“Those elected to parliament have a heavy burden and we can only hope that good counsel will prevail,” said President’s Counsel Geoffrey Alagaratnam, noting that parliament plays an important role as it represents the citizenry more so than the president – especially in light of the 19th Amendment to the Constitution.
He asserted: “There may be an excessive number of members; but nevertheless, they represent the people, and have a duty to implement proper institutions and processes to protect democracy and the rule of law.”
“My belief is that even a flawed democracy is much better than authoritarianism or tyranny,” Alagaratnam added.
As only a minority of candidates disclose their assets to the public, he pointed to the need to strengthen the law to ensure transparency and accountability in the democratic process: “This information must be open to public scrutiny as the people must be aware of ill-gotten wealth, candidates’ suitability for the job and whether cases are pending.”
In his view, more progress is needed in ensuring the independence of the judiciary as the method of appointment is undertaken by the Constitutional Council, which comes under the control of those in parliament.
Furthermore, Alagaratnam suggested that the council pursues “broader based civil society engagement.”
Additionally, he maintained that the Judicial Service Commission (JSC) is too narrow a body as it comprises three members of the Supreme Count. To address this, he proposed expanding representation to include the President of the Court of Appeal, as well as representatives of the Attorney General, the Bar Association of Sri Lanka (BASL) and civil society.
“First, we must protect the judiciary from political pressures, and also ensure that there is transparency and accountability within it,” he insisted.

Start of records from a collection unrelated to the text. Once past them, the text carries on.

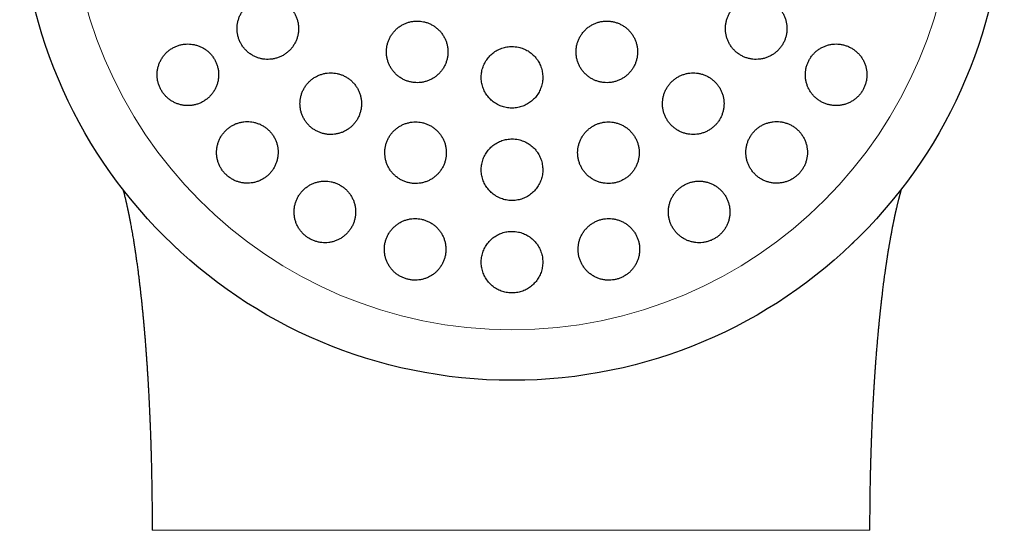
# Model space of a CAD drawing. Header units: millimetres. Extents: x 8 to 913, y 12 to 937.
# Tile 61 of 70: x 507 to 539, y 807 to 823. Entities that reach past the tile are written whole.
import ezdxf

# ---------------------------------------------------------------- set-up
doc = ezdxf.new("R2010")
doc.units = ezdxf.units.MM

msp = doc.modelspace()

# ---------------------------------------------------------------- linework, layer by layer
at = {"color": 7, "linetype": 'Continuous', "lineweight": 30}
msp.add_circle((522.604, 827.413), 16, dxfattribs=at)
at = {"color": 252, "linetype": 'Continuous', "lineweight": 0}
msp.add_arc((522.604, 827.413), 14.361, 90, 0, dxfattribs=at)
at = {"color": 7, "linetype": 'Continuous', "lineweight": 30}
for points, knots in [([(514.668, 823.831), (514.63, 823.83), (514.555, 823.827), (514.443, 823.808), (514.334, 823.776), (514.23, 823.733), (514.131, 823.677), (514.039, 823.612), (513.955, 823.535), (513.88, 823.45), (513.815, 823.357), (513.761, 823.258), (513.719, 823.152), (513.689, 823.043), (513.671, 822.931), (513.666, 822.818), (513.674, 822.706), (513.694, 822.595), (513.727, 822.487), (513.771, 822.384), (513.827, 822.287), (513.893, 822.196), (513.969, 822.113), (514.053, 822.04), (514.145, 821.977), (514.244, 821.923), (514.347, 821.882), (514.455, 821.852), (514.566, 821.834), (514.678, 821.829), (514.79, 821.837), (514.901, 821.857), (515.009, 821.889), (515.113, 821.933), (515.211, 821.989), (515.303, 822.056), (515.386, 822.132), (515.461, 822.218), (515.525, 822.311), (515.578, 822.412), (515.62, 822.517), (515.649, 822.627), (515.666, 822.738), (515.67, 822.851), (515.661, 822.964), (515.64, 823.075), (515.607, 823.182), (515.561, 823.285), (515.505, 823.382), (515.438, 823.472), (515.362, 823.554), (515.277, 823.627), (515.185, 823.69), (515.086, 823.742), (514.982, 823.783), (514.876, 823.811), (514.771, 823.828), (514.703, 823.83), (514.668, 823.831)], [0, 0, 0, 0, 0.018027, 0.036112, 0.054139, 0.072164, 0.090247, 0.108272, 0.126328, 0.144442, 0.162498, 0.180521, 0.198603, 0.216626, 0.234552, 0.252536, 0.270462, 0.28827, 0.306136, 0.323944, 0.341667, 0.359446, 0.377169, 0.394874, 0.412636, 0.430342, 0.448106, 0.465926, 0.483691, 0.501563, 0.519492, 0.537365, 0.555349, 0.57339, 0.591375, 0.609425, 0.627533, 0.645584, 0.663625, 0.681724, 0.699765, 0.717726, 0.735744, 0.753704, 0.771548, 0.78945, 0.807293, 0.825037, 0.842837, 0.860581, 0.878284, 0.896043, 0.913746, 0.931485, 0.949281, 0.96702, 0.98351, 1, 1, 1, 1]), ([(530.54, 823.831), (530.503, 823.83), (530.428, 823.828), (530.317, 823.808), (530.209, 823.777), (530.105, 823.734), (530.006, 823.679), (529.914, 823.614), (529.83, 823.538), (529.755, 823.454), (529.69, 823.363), (529.637, 823.264), (529.594, 823.161), (529.563, 823.053), (529.544, 822.943), (529.538, 822.831), (529.544, 822.72), (529.563, 822.609), (529.594, 822.502), (529.636, 822.398), (529.691, 822.3), (529.756, 822.208), (529.83, 822.124), (529.914, 822.049), (530.006, 821.983), (530.105, 821.928), (530.21, 821.885), (530.319, 821.854), (530.431, 821.835), (530.544, 821.829), (530.657, 821.836), (530.769, 821.856), (530.878, 821.888), (530.982, 821.932), (531.081, 821.987), (531.172, 822.053), (531.255, 822.129), (531.329, 822.214), (531.393, 822.306), (531.447, 822.405), (531.489, 822.509), (531.519, 822.616), (531.537, 822.727), (531.542, 822.838), (531.535, 822.95), (531.516, 823.06), (531.484, 823.168), (531.441, 823.271), (531.386, 823.369), (531.32, 823.46), (531.245, 823.544), (531.16, 823.618), (531.068, 823.683), (530.968, 823.737), (530.863, 823.78), (530.756, 823.81), (530.648, 823.828), (530.576, 823.83), (530.54, 823.831)], [0, 0, 0, 0, 0.01788, 0.035817, 0.053696, 0.071581, 0.089522, 0.107406, 0.125206, 0.143064, 0.160864, 0.178583, 0.196358, 0.214078, 0.231786, 0.24955, 0.267258, 0.28503, 0.302857, 0.320628, 0.338509, 0.356447, 0.374328, 0.392319, 0.410367, 0.428358, 0.44641, 0.46452, 0.482572, 0.50061, 0.518706, 0.536744, 0.554697, 0.572707, 0.59066, 0.608495, 0.626388, 0.644223, 0.661961, 0.679755, 0.697493, 0.715195, 0.732954, 0.750656, 0.768401, 0.786201, 0.803946, 0.82179, 0.839691, 0.857536, 0.875497, 0.893514, 0.911474, 0.929516, 0.947614, 0.965655, 0.982828, 1, 1, 1, 1]), ([(519.522, 823.075), (519.485, 823.074), (519.41, 823.071), (519.299, 823.052), (519.19, 823.021), (519.086, 822.977), (518.988, 822.923), (518.896, 822.858), (518.812, 822.782), (518.738, 822.698), (518.672, 822.606), (518.618, 822.507), (518.575, 822.403), (518.544, 822.294), (518.526, 822.183), (518.52, 822.07), (518.527, 821.957), (518.547, 821.846), (518.579, 821.738), (518.623, 821.634), (518.678, 821.535), (518.744, 821.444), (518.82, 821.36), (518.904, 821.286), (518.997, 821.222), (519.095, 821.168), (519.2, 821.126), (519.308, 821.096), (519.419, 821.078), (519.531, 821.073), (519.643, 821.08), (519.753, 821.1), (519.861, 821.132), (519.965, 821.176), (520.063, 821.231), (520.154, 821.297), (520.237, 821.373), (520.311, 821.458), (520.376, 821.55), (520.429, 821.65), (520.472, 821.754), (520.502, 821.863), (520.519, 821.975), (520.524, 822.088), (520.516, 822.2), (520.496, 822.311), (520.463, 822.42), (520.418, 822.523), (520.362, 822.621), (520.296, 822.712), (520.219, 822.795), (520.134, 822.868), (520.042, 822.932), (519.942, 822.985), (519.838, 823.026), (519.732, 823.055), (519.626, 823.072), (519.557, 823.074), (519.522, 823.075)], [0, 0, 0, 0, 0.017879, 0.035814, 0.053693, 0.07157, 0.089503, 0.10738, 0.125295, 0.143266, 0.161181, 0.179132, 0.197141, 0.215092, 0.233049, 0.251063, 0.269019, 0.286947, 0.304931, 0.322859, 0.340735, 0.35867, 0.376546, 0.394374, 0.412258, 0.430086, 0.447886, 0.465744, 0.483545, 0.501353, 0.519218, 0.537026, 0.554873, 0.572776, 0.590623, 0.608522, 0.626478, 0.644377, 0.66232, 0.68032, 0.698263, 0.716222, 0.734238, 0.752197, 0.770136, 0.788133, 0.806073, 0.823966, 0.841917, 0.85981, 0.877652, 0.89555, 0.913391, 0.931197, 0.94906, 0.966866, 0.983433, 1, 1, 1, 1]), ([(525.686, 823.075), (525.649, 823.074), (525.574, 823.071), (525.463, 823.052), (525.355, 823.021), (525.251, 822.978), (525.153, 822.924), (525.061, 822.859), (524.978, 822.784), (524.903, 822.7), (524.838, 822.609), (524.783, 822.51), (524.74, 822.407), (524.709, 822.299), (524.69, 822.188), (524.684, 822.076), (524.69, 821.963), (524.709, 821.852), (524.74, 821.744), (524.783, 821.64), (524.838, 821.541), (524.903, 821.449), (524.979, 821.365), (525.063, 821.29), (525.156, 821.225), (525.255, 821.171), (525.359, 821.128), (525.468, 821.097), (525.579, 821.079), (525.692, 821.073), (525.804, 821.08), (525.915, 821.1), (526.023, 821.132), (526.127, 821.175), (526.225, 821.23), (526.316, 821.296), (526.399, 821.372), (526.474, 821.456), (526.538, 821.548), (526.592, 821.646), (526.634, 821.75), (526.664, 821.859), (526.682, 821.969), (526.688, 822.082), (526.681, 822.194), (526.661, 822.305), (526.629, 822.413), (526.585, 822.517), (526.53, 822.615), (526.464, 822.707), (526.388, 822.79), (526.303, 822.865), (526.21, 822.929), (526.111, 822.983), (526.006, 823.025), (525.899, 823.054), (525.792, 823.072), (525.721, 823.074), (525.686, 823.075)], [0, 0, 0, 0, 0.017812, 0.035682, 0.053494, 0.071307, 0.089177, 0.106991, 0.12479, 0.142646, 0.160446, 0.17826, 0.19613, 0.213944, 0.231801, 0.249714, 0.26757, 0.285479, 0.303445, 0.321354, 0.339303, 0.357308, 0.375257, 0.393215, 0.41123, 0.429187, 0.44712, 0.465109, 0.483041, 0.500925, 0.518865, 0.536748, 0.554581, 0.57247, 0.590302, 0.608105, 0.625963, 0.643766, 0.661571, 0.679433, 0.697239, 0.71508, 0.732978, 0.750819, 0.768712, 0.786662, 0.804555, 0.822494, 0.84049, 0.858429, 0.876388, 0.894404, 0.912363, 0.930306, 0.948307, 0.96625, 0.983125, 1, 1, 1, 1]), ([(512.07, 822.331), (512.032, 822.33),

And with regard to the politicisation of professional bodies, he noted that while lawyers may have had political affiliations in the past, the principle of law was of paramount importance.
However, this scenario appears to have changed in the present day – he believes that there have been several instances of professional independence being sacrificed for various benefits, and called for measures to ensure that the legal profession remains independent.
He emphasised that “people look to the legal profession to lead the way, and tell them what is right or wrong as far as governance, democracy and the rule of law is concerned.”
As for the government’s response to the COVID-19 pandemic, Alagaratnam stated that the “measures taken were fairly good” but insisted that the law must be followed when imposing curfews.
“The curfew that was imposed was illegal as stated by the Human Rights Commission. Moreover, there was no accountability as parliament had been dissolved and the judiciary was inactive to a certain extent,” he stated.
While health regulations were announced to ensure the safety of citizens in the lead up to the general election, there were protests by public health inspectors and medical workers. He traced this to the efficiency and independence of the public service, stating that it has been politicised to the point of those serving being rewarded for affiliations rather than performance.
Meanwhile, he urged the private sector to unite when engaging with the government and public sector especially in the case of the chambers of business and commerce: “There must be consistent policies because if an economy is to develop, you should be aware of expected policies related to investment, expropriation and taxation – and whether they can be changed overnight, as well as knowing that there are equal opportunities for all in the private sector.”
“When it comes to both foreign and local investments in terms of developing the economy, without policy consistency, certainty and a level playing field, Sri Lanka will not be treated as a country that can be trusted,” Alagaratnam declared.